### WHAT YOU SHOULD DO
The result should be all the records, exact and complete, without a single picture.

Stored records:
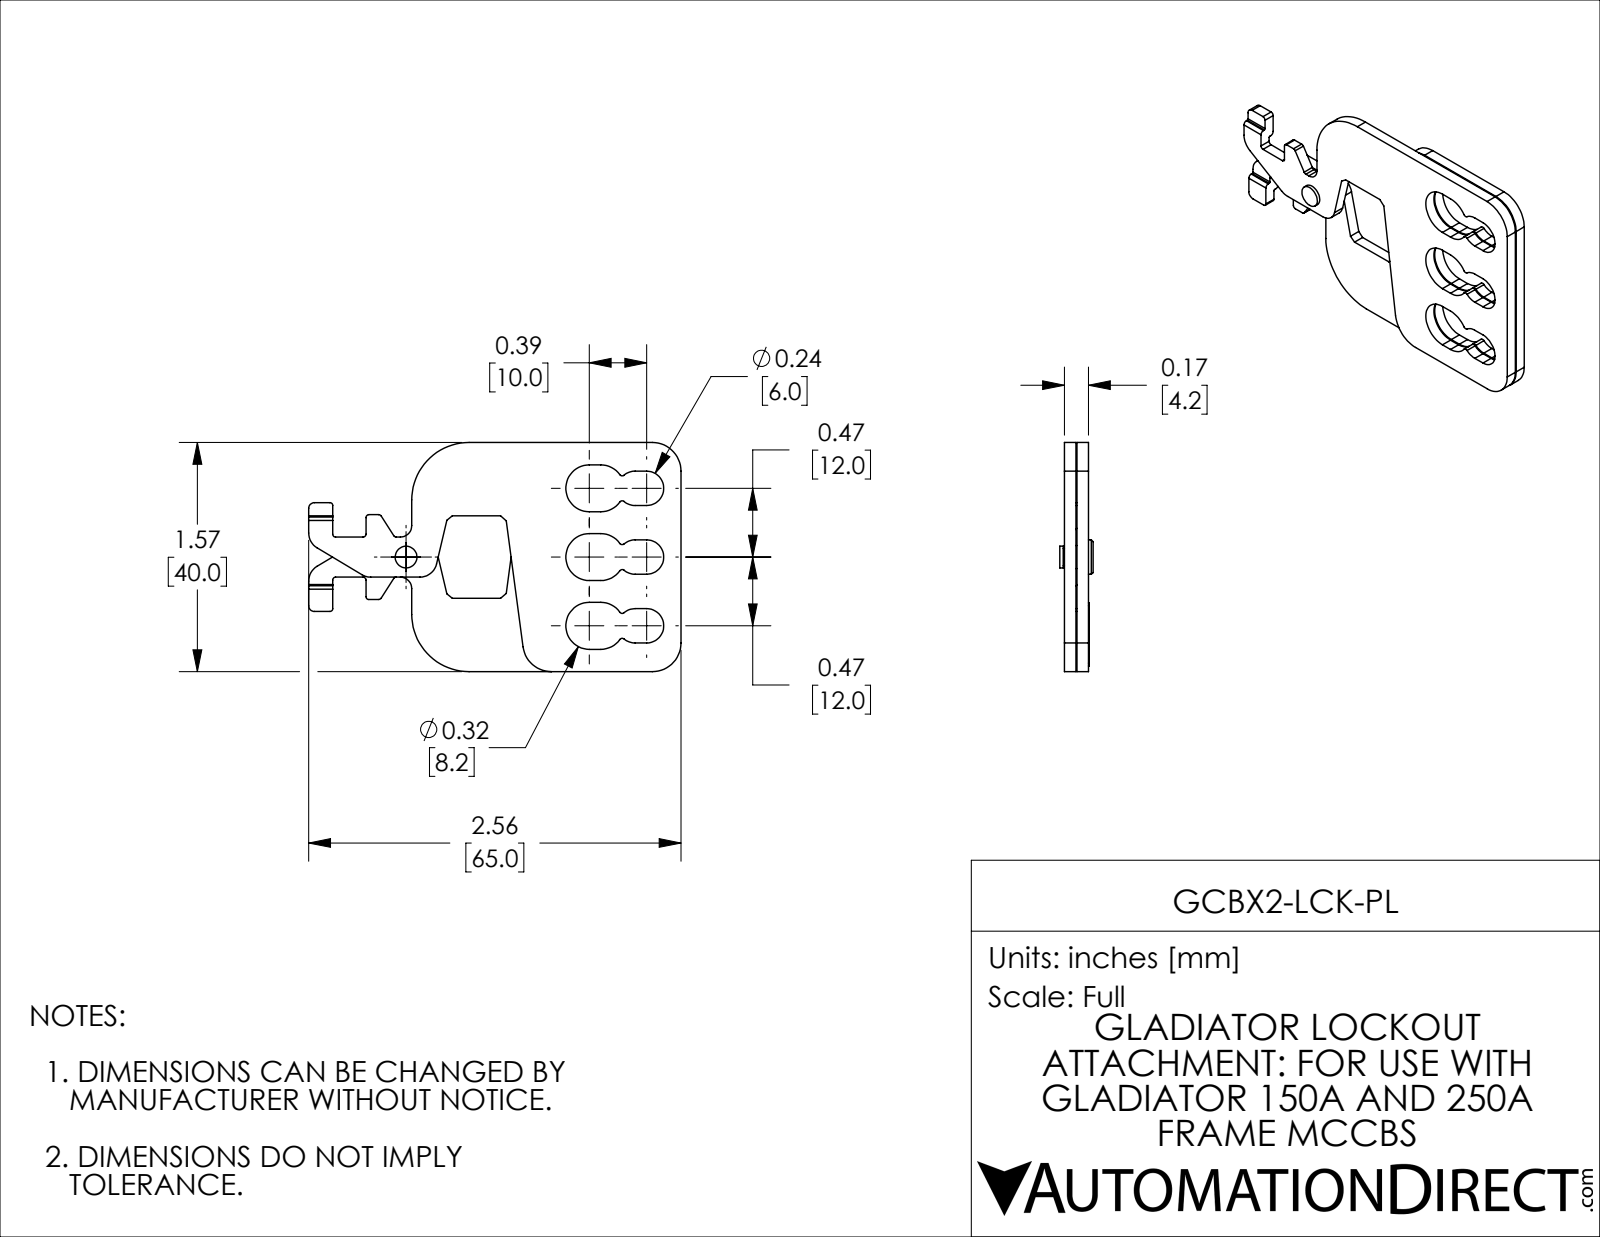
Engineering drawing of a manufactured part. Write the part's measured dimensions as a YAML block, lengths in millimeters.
part_name: "GCBX2-LCK-PL"
step_written_by: "SolidWorks 2021 (CONFIG_CONTROL_DESIGN)"
units: millimeters
bodies: {solids: 1, faces: 939, planar: 829, cylindrical: 108, other: 2}
overall_size: [65, 40, 5.8]
volume: 4930
surface_area: 6426
round_holes:
  - {diameter: 3.1, count: 1}
  - {diameter: 4.2, count: 1}
round_bosses_or_shafts:
  - {diameter: 6, count: 1}
  - {diameter: 4, count: 1}
  - {diameter: 3.8, count: 1}
  - {diameter: 3, count: 1}
partial_cylinders:
  - {radius: 0.5, count: 22}
  - {radius: 3, count: 12}
  - {radius: 4.1, count: 6}
  - {radius: 0.2, count: 4}
  - {radius: 0.6, count: 4}
  - {radius: 5, count: 4}
  - {radius: 1, count: 2}
  - {radius: 2, count: 2}
face_to_face_distances: [2, 2.2, 4.2, 2.3, 2.1, 4.3, 40, 1, 3, 0.8]
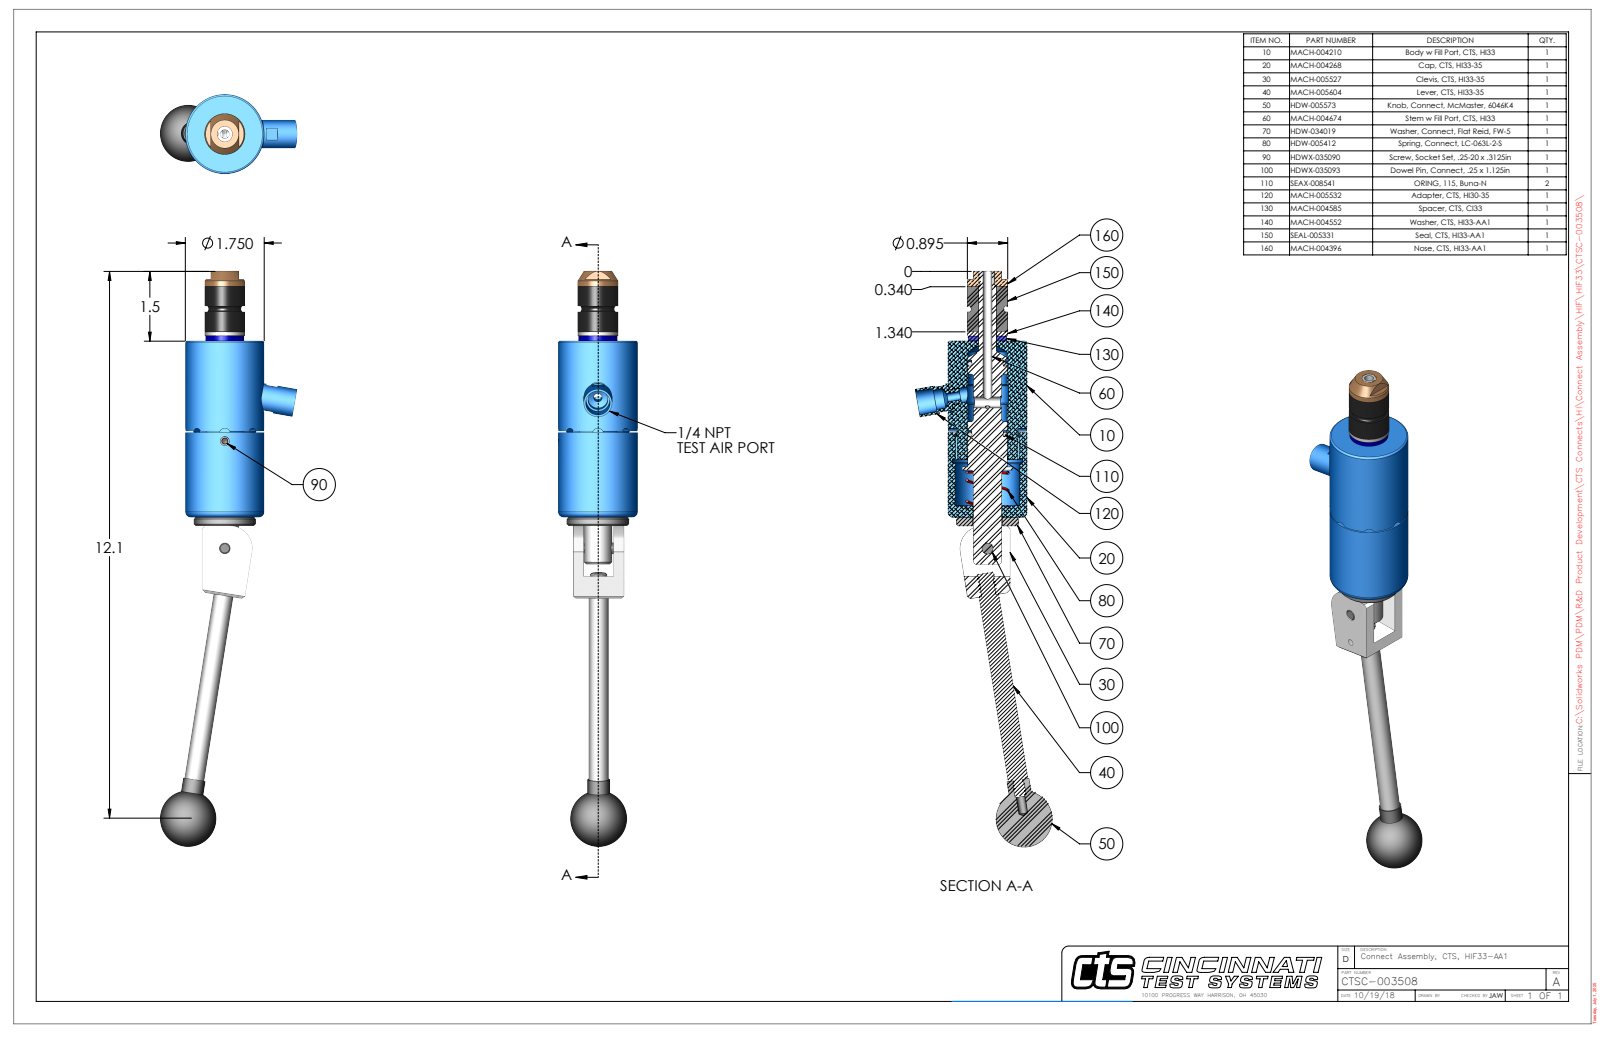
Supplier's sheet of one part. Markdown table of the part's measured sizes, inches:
| quantity | value |
| --- | --- |
| part name | CTSC-003508 |
| STEP written by | SolidWorks 2023 (AUTOMOTIVE_DESIGN) |
| units | inches |
| bodies | 10 solids, 277 faces (91 planar, 121 cylindrical, 65 other) |
| overall size | 12.751 × 3.043 × 1.75 |
| volume | 13.46 in³ |
| surface area | 74.45 in² |
| round holes (diameter × count) | 0.201 × 2, 0.313 × 2, 0.15 × 1, 0.187 × 1, 0.204 × 1, 0.249 × 1, 0.25 × 1, 0.251 × 1, 0.39 × 1, 0.397 × 1, 0.403 × 1, 0.438 × 1 |
| round bosses / shafts (diameter × count) | 0.375 × 2, 0.312 × 2, 0.25 × 2, 1.75 × 1, 1.38 × 1, 0.895 × 1, 0.895 × 1, 0.858 × 1 |
| partial cylindrical surfaces (radius × count) | 0.125 × 4, 0.029 × 2, 0.146 × 1, 0.33 × 1, 0.5 × 1, 0.695 × 1, 0.832 × 1 |
| main face-to-face distances | 3.907, 1.12, 0.188, 4.095, 0.888, 0.232, 0.232, 0.656, 0.888, 1.207 |
| hole center spacings | 0.74, 2.376, 3.116 |

### ANSWER SPACE
Engineering drawing of a manufactured part. Write the part's measured dimensions as a YAML block, lengths in millimeters.
part_name: "GCBX2-LCK-PL"
step_written_by: "SolidWorks 2021 (CONFIG_CONTROL_DESIGN)"
units: millimeters
bodies: {solids: 1, faces: 939, planar: 829, cylindrical: 108, other: 2}
overall_size: [65, 40, 5.8]
volume: 4930
surface_area: 6426
round_holes:
  - {diameter: 3.1, count: 1}
  - {diameter: 4.2, count: 1}
round_bosses_or_shafts:
  - {diameter: 6, count: 1}
  - {diameter: 4, count: 1}
  - {diameter: 3.8, count: 1}
  - {diameter: 3, count: 1}
partial_cylinders:
  - {radius: 0.5, count: 22}
  - {radius: 3, count: 12}
  - {radius: 4.1, count: 6}
  - {radius: 0.2, count: 4}
  - {radius: 0.6, count: 4}
  - {radius: 5, count: 4}
  - {radius: 1, count: 2}
  - {radius: 2, count: 2}
face_to_face_distances: [2, 2.2, 4.2, 2.3, 2.1, 4.3, 40, 1, 3, 0.8]
Supplier's sheet of one part. Markdown table of the part's measured sizes, inches:
| quantity | value |
| --- | --- |
| part name | CTSC-003508 |
| STEP written by | SolidWorks 2023 (AUTOMOTIVE_DESIGN) |
| units | inches |
| bodies | 10 solids, 277 faces (91 planar, 121 cylindrical, 65 other) |
| overall size | 12.751 × 3.043 × 1.75 |
| volume | 13.46 in³ |
| surface area | 74.45 in² |
| round holes (diameter × count) | 0.201 × 2, 0.313 × 2, 0.15 × 1, 0.187 × 1, 0.204 × 1, 0.249 × 1, 0.25 × 1, 0.251 × 1, 0.39 × 1, 0.397 × 1, 0.403 × 1, 0.438 × 1 |
| round bosses / shafts (diameter × count) | 0.375 × 2, 0.312 × 2, 0.25 × 2, 1.75 × 1, 1.38 × 1, 0.895 × 1, 0.895 × 1, 0.858 × 1 |
| partial cylindrical surfaces (radius × count) | 0.125 × 4, 0.029 × 2, 0.146 × 1, 0.33 × 1, 0.5 × 1, 0.695 × 1, 0.832 × 1 |
| main face-to-face distances | 3.907, 1.12, 0.188, 4.095, 0.888, 0.232, 0.232, 0.656, 0.888, 1.207 |
| hole center spacings | 0.74, 2.376, 3.116 |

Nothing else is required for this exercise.